Complicit enablers? Seems accurate. And not limited to the main stream.

Anonymous said...

more of the same ...

 .. ho hum - when will they ever learn?

-=*=-

G'day Bob,

 .. 'see' your two[prather,greenwald]; and 'raise' you two:

1. «Phase II
The Senate intel committee's Phase II report on pre-war intelligence on Iraq is just out.»
[talkingpointsmemo]

2. «Today's Must Read
By Kate Klonick - June 6, 2008, 11:02AM
Phase II, the 200+ page Senate intelligence committee's report»
[tpmmuckraker]

Fazit, Q: Did they get *anything* correct?

A: The general consensus is: "No!"

(Troll response: "So?")

My response to trolls: So they went off to murder for oil on lies, at least 935 of which have been minutely documented, and now the US Senate basically confirms all that. But Q: Does the US Senate do anything about it? A: No; bah!

-=*=-

Then, when I was following your antiwar/Gordon Prather/Intelligence [sic] Committee Report link up, this:

«Ledeen: It’s 1938-1941, Hitler is Hezbollah, al-Qaeda, Khomeinists, Wahabis, Etc.
June 7, 2008 in News by Jim Lobe»
[antiwar]

Now, that's pretty 'standard' war-pimping stuff (with Lobe's deconstruction, natch) - but in the comments, was a citation to this:

«Robert Fisk: The West's weapon of self-delusion
There are gun battles in Beirut - and America thinks things are going fine
Saturday, 7 June 2008»
[theInd]

   «So they are it again, the great and the good of American democracy, grovelling and fawning to the Israeli lobbyists of American Israel Public Affairs Committee (Aipac), repeatedly allying themselves to the cause of another country and one that is continuing to steal Arab land.

...

Yes, Israelis deserve security. But so do Palestinians. So do Iraqis and Lebanese and the people of the wider Muslim world. Now even Condoleezza Rice admits - and she was also talking to Aipac, of course - that there won't be a Palestinian state by the end of the year. That promise of George Bush - which no-one believed anyway - has gone. In Rice's pathetic words, "The goal itself will endure beyond the current US leadership."

Of course it will. And the siege of Gaza will endure beyond the current US leadership. And the Israeli wall. And the illegal Israeli settlement building. And deaths in Iraq will endure beyond "the current US leadership" - though "leadership" is pushing the definition of the word a bit when the gutless Bush is involved - and deaths in Afghanistan and, I fear, deaths in Lebanon too.»


My comment: The US, plus Israel, combining via M-W's 'Israel Lobby,' forming USrael, constitute the greatest (I can not think of a valid exception), the greatest threat to world peace and security, even human/environment/planet survival itself.

-=*=-

The point I wanna make is this: no more of the same!

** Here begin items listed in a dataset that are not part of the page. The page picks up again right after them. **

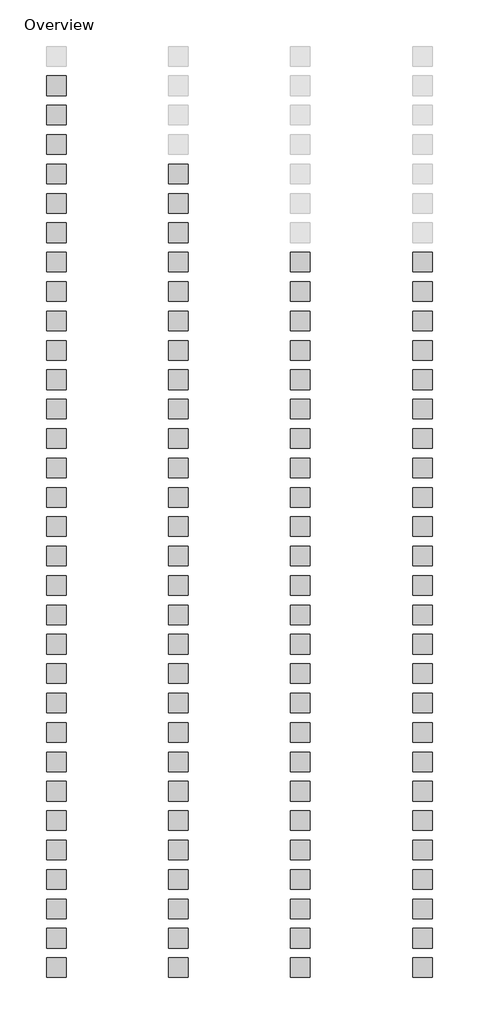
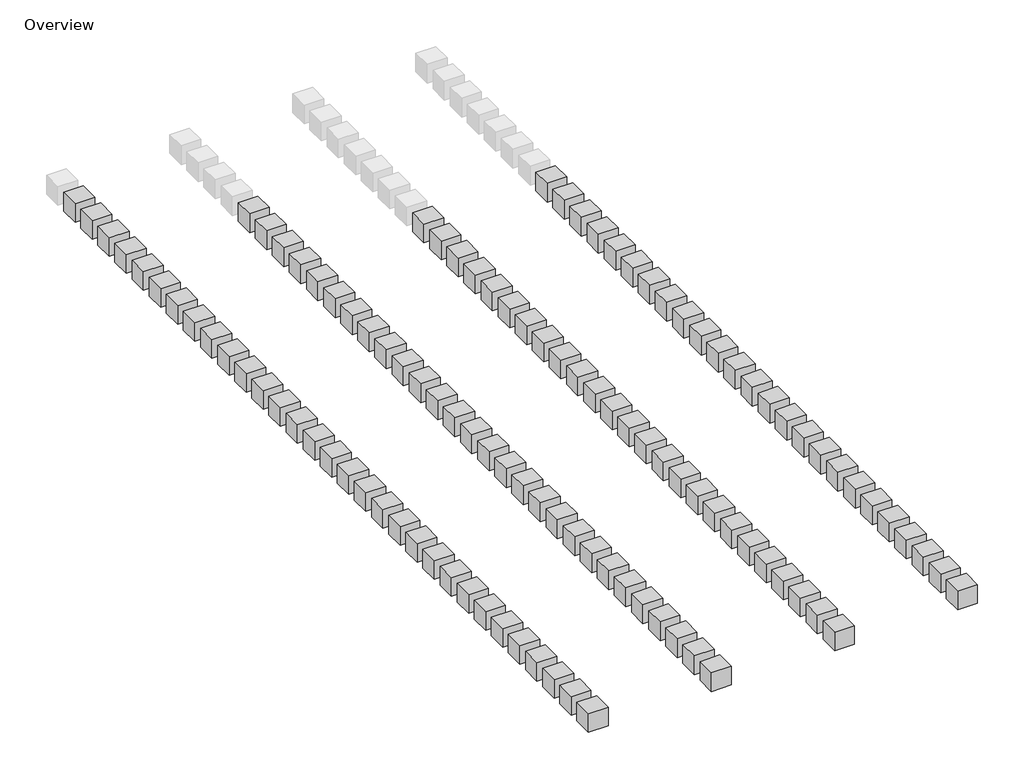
# One storey, part 1 of 5: 109 proxies.
"""IFC4 building model written with IfcOpenShell, lengths in millimetres."""

from ifc_helpers import new_model, si_unit, origin, place, context, project, spatial, transform, mapped, element, save
from components import material_box_material_box_61bd0c43

model = new_model("IFC4")

# Units and contexts
model_context = context("Model", 3, world=origin())
ifc_project = project(units=[si_unit("LENGTHUNIT", "METRE", prefix="MILLI")], contexts=[model_context])

# Site, building, storey
site = spatial("IfcSite", under=ifc_project)
building = spatial("IfcBuilding", under=site)
storey = spatial("IfcBuildingStorey", under=building, Name="Overview", Elevation=0.0)

# Proxies
placement = place(None, origin())
material_box_material_box_shape = material_box_material_box_61bd0c43(model_context)
element("IfcBuildingElementProxy", 1, Name="Material Box : Material Box", ObjectType="Material Box : Material Box", at=placement, inside=storey, context=model_context, shape_type="MappedRepresentation", body=[
    mapped(material_box_material_box_shape, transform((-14601.1030029, -41343.0736223, 0.0), x_axis=(1.0, 0.0, 0.0), y_axis=(0.0, 1.0, 0.0), z_axis=(0.0, 0.0, 1.0))),
])
element("IfcBuildingElementProxy", 2, Name="Material Box : Material Box", ObjectType="Material Box : Material Box", at=placement, inside=storey, context=model_context, shape_type="MappedRepresentation", body=[
    mapped(material_box_material_box_shape, transform((-14601.1030029, -42486.0736223, 0.0), x_axis=(1.0, 0.0, 0.0), y_axis=(0.0, 1.0, 0.0), z_axis=(0.0, 0.0, 1.0))),
])
element("IfcBuildingElementProxy", 3, Name="Material Box : Material Box", ObjectType="Material Box : Material Box", at=placement, inside=storey, context=model_context, shape_type="MappedRepresentation", body=[
    mapped(material_box_material_box_shape, transform((-14601.1030029, -43629.0736223, 0.0), x_axis=(1.0, 0.0, 0.0), y_axis=(0.0, 1.0, 0.0), z_axis=(0.0, 0.0, 1.0))),
])
element("IfcBuildingElementProxy", 4, Name="Material Box : Material Box", ObjectType="Material Box : Material Box", at=placement, inside=storey, context=model_context, shape_type="MappedRepresentation", body=[
    mapped(material_box_material_box_shape, transform((-14601.1030029, -44772.0736223, 0.0), x_axis=(1.0, 0.0, 0.0), y_axis=(0.0, 1.0, 0.0), z_axis=(0.0, 0.0, 1.0))),
])
element("IfcBuildingElementProxy", 5, Name="Material Box : Material Box", ObjectType="Material Box : Material Box", at=placement, inside=storey, context=model_context, shape_type="MappedRepresentation", body=[
    mapped(material_box_material_box_shape, transform((-9851.3030029, -44772.0736223, 0.0), x_axis=(1.0, 0.0, 0.0), y_axis=(0.0, 1.0, 0.0), z_axis=(0.0, 0.0, 1.0))),
])
element("IfcBuildingElementProxy", 6, Name="Material Box : Material Box", ObjectType="Material Box : Material Box", at=placement, inside=storey, context=model_context, shape_type="MappedRepresentation", body=[
    mapped(material_box_material_box_shape, transform((-14601.1030029, -45915.0736223, 0.0), x_axis=(1.0, 0.0, 0.0), y_axis=(0.0, 1.0, 0.0), z_axis=(0.0, 0.0, 1.0))),
])
element("IfcBuildingElementProxy", 7, Name="Material Box : Material Box", ObjectType="Material Box : Material Box", at=placement, inside=storey, context=model_context, shape_type="MappedRepresentation", body=[
    mapped(material_box_material_box_shape, transform((-9851.3030029, -45915.0736223, 0.0), x_axis=(1.0, 0.0, 0.0), y_axis=(0.0, 1.0, 0.0), z_axis=(0.0, 0.0, 1.0))),
])
element("IfcBuildingElementProxy", 8, Name="Material Box : Material Box", ObjectType="Material Box : Material Box", at=placement, inside=storey, context=model_context, shape_type="MappedRepresentation", body=[
    mapped(material_box_material_box_shape, transform((-14601.1030029, -47058.0736223, 0.0), x_axis=(1.0, 0.0, 0.0), y_axis=(0.0, 1.0, 0.0), z_axis=(0.0, 0.0, 1.0))),
])
element("IfcBuildingElementProxy", 9, Name="Material Box : Material Box", ObjectType="Material Box : Material Box", at=placement, inside=storey, context=model_context, shape_type="MappedRepresentation", body=[
    mapped(material_box_material_box_shape, transform((-9851.3030029, -47058.0736223, 0.0), x_axis=(1.0, 0.0, 0.0), y_axis=(0.0, 1.0, 0.0), z_axis=(0.0, 0.0, 1.0))),
])
element("IfcBuildingElementProxy", 10, Name="Material Box : Material Box", ObjectType="Material Box : Material Box", at=placement, inside=storey, context=model_context, shape_type="MappedRepresentation", body=[
    mapped(material_box_material_box_shape, transform((-14601.1030029, -48201.0736223, 0.0), x_axis=(1.0, 0.0, 0.0), y_axis=(0.0, 1.0, 0.0), z_axis=(0.0, 0.0, 1.0))),
])
element("IfcBuildingElementProxy", 11, Name="Material Box : Material Box", ObjectType="Material Box : Material Box", at=placement, inside=storey, context=model_context, shape_type="MappedRepresentation", body=[
    mapped(material_box_material_box_shape, transform((-9851.3030029, -48201.0736223, 0.0), x_axis=(1.0, 0.0, 0.0), y_axis=(0.0, 1.0, 0.0), z_axis=(0.0, 0.0, 1.0))),
])
element("IfcBuildingElementProxy", 12, Name="Material Box : Material Box", ObjectType="Material Box : Material Box", at=placement, inside=storey, context=model_context, shape_type="MappedRepresentation", body=[
    mapped(material_box_material_box_shape, transform((-14601.1030029, -49344.0736223, 0.0), x_axis=(1.0, 0.0, 0.0), y_axis=(0.0, 1.0, 0.0), z_axis=(0.0, 0.0, 1.0))),
])
element("IfcBuildingElementProxy", 13, Name="Material Box : Material Box", ObjectType="Material Box : Material Box", at=placement, inside=storey, context=model_context, shape_type="MappedRepresentation", body=[
    mapped(material_box_material_box_shape, transform((-9851.3030029, -49344.0736223, 0.0), x_axis=(1.0, 0.0, 0.0), y_axis=(0.0, 1.0, 0.0), z_axis=(0.0, 0.0, 1.0))),
])
element("IfcBuildingElementProxy", 14, Name="Material Box : Material Box", ObjectType="Material Box : Material Box", at=placement, inside=storey, context=model_context, shape_type="MappedRepresentation", body=[
    mapped(material_box_material_box_shape, transform((-14601.1030029, -50487.0736223, 0.0), x_axis=(1.0, 0.0, 0.0), y_axis=(0.0, 1.0, 0.0), z_axis=(0.0, 0.0, 1.0))),
])
element("IfcBuildingElementProxy", 15, Name="Material Box : Material Box", ObjectType="Material Box : Material Box", at=placement, inside=storey, context=model_context, shape_type="MappedRepresentation", body=[
    mapped(material_box_material_box_shape, transform((-9851.3030029, -50487.0736223, 0.0), x_axis=(1.0, 0.0, 0.0), y_axis=(0.0, 1.0, 0.0), z_axis=(0.0, 0.0, 1.0))),
])
element("IfcBuildingElementProxy", 16, Name="Material Box : Material Box", ObjectType="Material Box : Material Box", at=placement, inside=storey, context=model_context, shape_type="MappedRepresentation", body=[
    mapped(material_box_material_box_shape, transform((-14601.1030029, -51630.0736223, 0.0), x_axis=(1.0, 0.0, 0.0), y_axis=(0.0, 1.0, 0.0), z_axis=(0.0, 0.0, 1.0))),
])
element("IfcBuildingElementProxy", 17, Name="Material Box : Material Box", ObjectType="Material Box : Material Box", at=placement, inside=storey, context=model_context, shape_type="MappedRepresentation", body=[
    mapped(material_box_material_box_shape, transform((-9851.3030029, -51630.0736223, 0.0), x_axis=(1.0, 0.0, 0.0), y_axis=(0.0, 1.0, 0.0), z_axis=(0.0, 0.0, 1.0))),
])
element("IfcBuildingElementProxy", 18, Name="Material Box : Material Box", ObjectType="Material Box : Material Box", at=placement, inside=storey, context=model_context, shape_type="MappedRepresentation", body=[
    mapped(material_box_material_box_shape, transform((-14601.1030029, -52773.0736223, 0.0), x_axis=(1.0, 0.0, 0.0), y_axis=(0.0, 1.0, 0.0), z_axis=(0.0, 0.0, 1.0))),
])
element("IfcBuildingElementProxy", 19, Name="Material Box : Material Box", ObjectType="Material Box : Material Box", at=placement, inside=storey, context=model_context, shape_type="MappedRepresentation", body=[
    mapped(material_box_material_box_shape, transform((-9851.3030029, -52773.0736223, 0.0), x_axis=(1.0, 0.0, 0.0), y_axis=(0.0, 1.0, 0.0), z_axis=(0.0, 0.0, 1.0))),
])
element("IfcBuildingElementProxy", 20, Name="Material Box : Material Box", ObjectType="Material Box : Material Box", at=placement, inside=storey, context=model_context, shape_type="MappedRepresentation", body=[
    mapped(material_box_material_box_shape, transform((-14601.1030029, -53916.0736223, 0.0), x_axis=(1.0, 0.0, 0.0), y_axis=(0.0, 1.0, 0.0), z_axis=(0.0, 0.0, 1.0))),
])
element("IfcBuildingElementProxy", 21, Name="Material Box : Material Box", ObjectType="Material Box : Material Box", at=placement, inside=storey, context=model_context, shape_type="MappedRepresentation", body=[
    mapped(material_box_material_box_shape, transform((-9851.3030029, -53916.0736223, 0.0), x_axis=(1.0, 0.0, 0.0), y_axis=(0.0, 1.0, 0.0), z_axis=(0.0, 0.0, 1.0))),
])
element("IfcBuildingElementProxy", 22, Name="Material Box : Material Box", ObjectType="Material Box : Material Box", at=placement, inside=storey, context=model_context, shape_type="MappedRepresentation", body=[
    mapped(material_box_material_box_shape, transform((-14601.1030029, -55059.0736223, 0.0), x_axis=(1.0, 0.0, 0.0), y_axis=(0.0, 1.0, 0.0), z_axis=(0.0, 0.0, 1.0))),
])
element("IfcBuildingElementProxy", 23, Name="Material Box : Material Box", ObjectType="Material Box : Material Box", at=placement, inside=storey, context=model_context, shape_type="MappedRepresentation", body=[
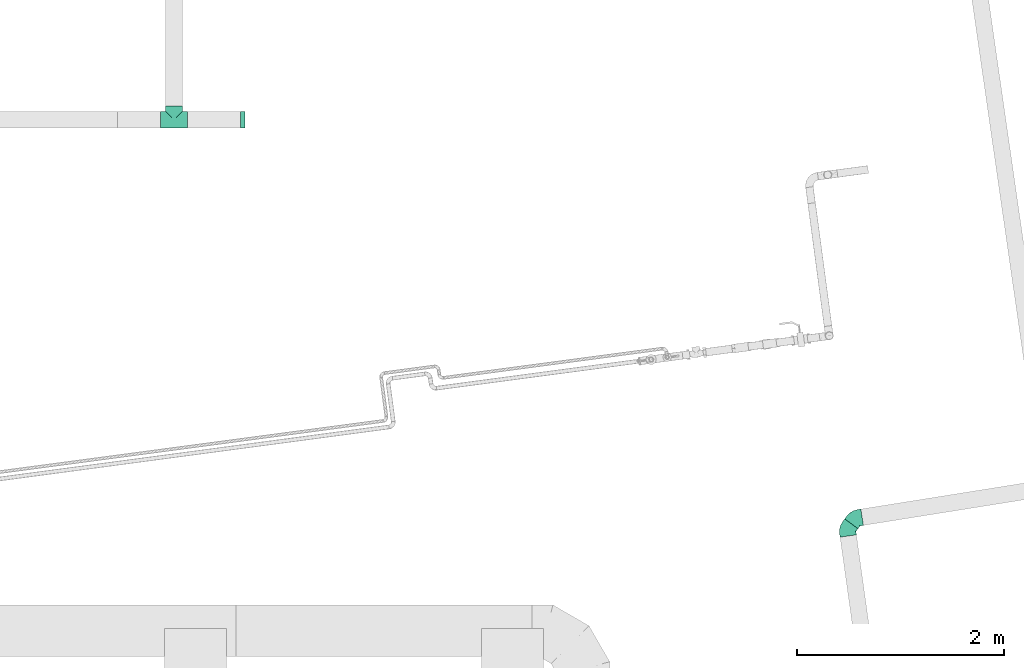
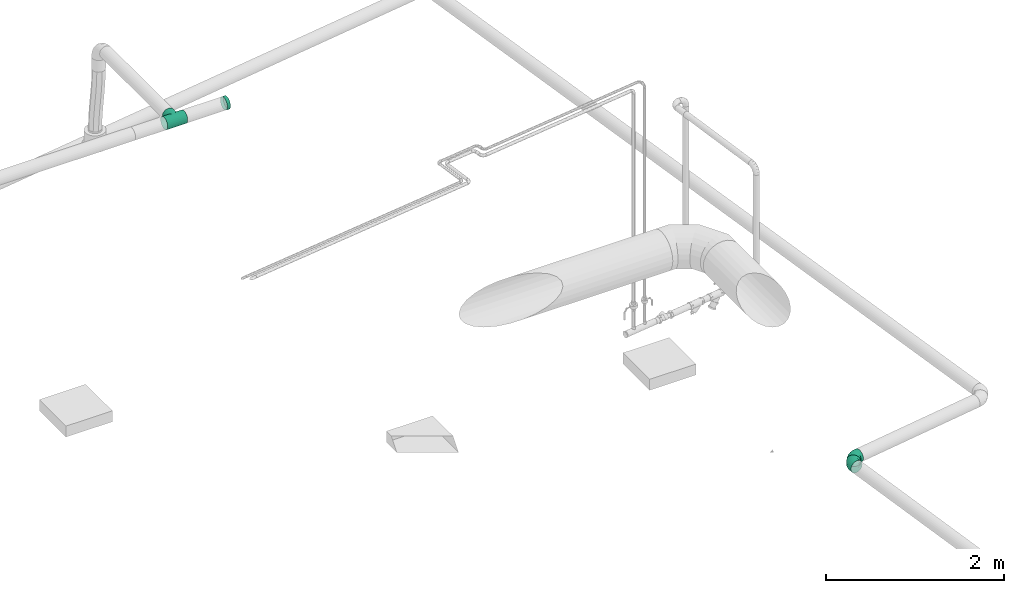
# One storey, part 187 of 374: 4 flow fittings.
"""IFC2X3 building model written with IfcOpenShell, lengths in metres."""

from ifc_helpers import new_model, si_unit, direction, origin, place, context, subcontext, project, spatial, open_shell, surface_model, source, transform, mapped, element, save


model = new_model("IFC2X3")

# Units and contexts
model_context = context("Model", 3, precision=1e-05, world=origin(), true_north=direction((-0.4480736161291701, 0.8939966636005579)))
body_context = subcontext(model_context, "Body", "Model", "MODEL_VIEW")
ifc_project = project(units=[si_unit("LENGTHUNIT", "METRE"), si_unit("AREAUNIT", "SQUARE_METRE"), si_unit("VOLUMEUNIT", "CUBIC_METRE"), si_unit("PLANEANGLEUNIT", "RADIAN"), si_unit("THERMODYNAMICTEMPERATUREUNIT", "KELVIN"), si_unit("MASSUNIT", "GRAM", prefix="KILO"), si_unit("TIMEUNIT", "SECOND")], contexts=[model_context])

# Site, building, storey
site_placement = place(None, origin())
site = spatial("IfcSite", under=ifc_project, at=site_placement, Name="Site 1", CompositionType="ELEMENT")
building_placement = place(site_placement, origin())
building = spatial("IfcBuilding", under=site, at=building_placement, Name="Undefined", CompositionType="ELEMENT")
storey_placement = place(building_placement, origin())
storey = spatial("IfcBuildingStorey", under=building, at=storey_placement, Name="Rez de chauss\x8ee", CompositionType="ELEMENT", Elevation=0.0)

# Flow fittings
shared_shape_1 = source(origin(), body_context, "Body", "SurfaceModel", [
    surface_model("IfcFaceBasedSurfaceModel", [(0.0, 0.020884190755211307, 0.0), (0.0, 0.0, 0.0), (0.2599999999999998, -7.105427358e-15, 0.0), (0.2599999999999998, 0.0208841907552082, -4.4408921e-16), (0.0, -0.020172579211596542, -0.005405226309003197), (0.2599999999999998, -0.020172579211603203, -0.005405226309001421), (0.0, -0.03825881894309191, -0.015847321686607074), (0.2599999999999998, -0.038258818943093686, -0.015847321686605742), (0.0, -0.05302617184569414, -0.0306146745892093), (0.2599999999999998, -0.053026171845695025, -0.030614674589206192), (0.0, -0.06346826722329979, -0.04870091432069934), (0.2599999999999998, -0.06346826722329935, -0.04870091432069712), (0.0, -0.06887349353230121, -0.06887349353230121), (0.2599999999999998, -0.06887349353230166, -0.06887349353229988), (0.0, -0.06887349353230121, -0.08975768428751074), (0.2599999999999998, -0.06887349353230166, -0.08975768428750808), (0.0, -0.06346826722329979, -0.10993026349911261), (0.2599999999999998, -0.06346826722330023, -0.10993026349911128), (0.0, -0.05302617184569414, -0.12801650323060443), (0.2599999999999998, -0.05302617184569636, -0.12801650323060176), (0.0, -0.038258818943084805, -0.14278385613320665), (0.2599999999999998, -0.03825881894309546, -0.1427838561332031), (0.0, -0.020172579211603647, -0.15322595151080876), (0.2599999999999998, -0.02017257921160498, -0.15322595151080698), (0.0, 7.105427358e-15, -0.15863117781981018), (0.2599999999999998, -1.776356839e-15, -0.15863117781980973), (0.0, 0.020884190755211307, -0.15863117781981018), (0.2599999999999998, 0.020884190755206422, -0.15863117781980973), (0.0, 0.04105676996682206, -0.15322595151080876), (0.2599999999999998, 0.04105676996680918, -0.1532259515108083), (0.0, 0.05914300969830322, -0.1427838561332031), (0.2599999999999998, 0.059143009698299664, -0.14278385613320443), (0.0, 0.07391036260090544, -0.12801650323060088), (0.2599999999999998, 0.073910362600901, -0.12801650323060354), (0.0, 0.0843524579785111, -0.10993026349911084), (0.2599999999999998, 0.08435245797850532, -0.10993026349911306), (0.0, 0.08975768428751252, -0.08975768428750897), (0.2599999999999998, 0.08975768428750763, -0.08975768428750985), (0.0, 0.08975768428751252, -0.06887349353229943), (0.2599999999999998, 0.08975768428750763, -0.0688734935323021), (0.0, 0.0843524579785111, -0.048700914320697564), (0.2599999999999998, 0.08435245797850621, -0.04870091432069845), (0.0, 0.07391036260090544, -0.030614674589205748), (0.2599999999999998, 0.07391036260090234, -0.030614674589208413), (0.0, 0.05914300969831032, -0.015847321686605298), (0.2599999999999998, 0.05914300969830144, -0.01584732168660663), (0.0, 0.04105676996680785, -0.005405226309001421), (0.2599999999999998, 0.0410567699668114, -0.005405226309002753), (0.20999999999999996, 0.08975768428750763, -0.08975768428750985), (0.20727406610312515, 0.08435245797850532, -0.10993026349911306), (0.20727406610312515, 0.13662731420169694, -0.11681237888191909), (0.20999999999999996, 0.13932992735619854, -0.09628399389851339), (0.19928203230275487, 0.073910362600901, -0.12801650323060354), (0.19928203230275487, 0.1341088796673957, -0.13594178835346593), (0.18656854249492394, 0.059143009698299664, -0.14278385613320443), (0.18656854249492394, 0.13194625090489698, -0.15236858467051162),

The USrael 'murder for spoil' criminals must be stopped - and gaoled, if not hanged - and soonest.

Anonymous said...

G'day Phil, an omnibus today, beginning with William Blum looking at a few US areas of activity - "The Empire -- A Status Report"

An appropriate extract:

Here's White House spokeswoman Dana Perino at a recent press briefing:
Reporter: The American people are being asked to die and pay for this, and you're saying that they have no say in this war?
Perino: I didn't say that ... this President was elected --
Reporter: Well, what it amounts to is you saying we have no input at all.
Perino: You had input. The American people have input every four years, and that's the way our system is set up.[2]

In 1941, Edward Dowling, editor and priest, commented: "The two greatest obstacles to democracy in the United States are, first, the widespread delusion among the poor that we have a democracy, and second, the chronic terror among the rich, lest we get it."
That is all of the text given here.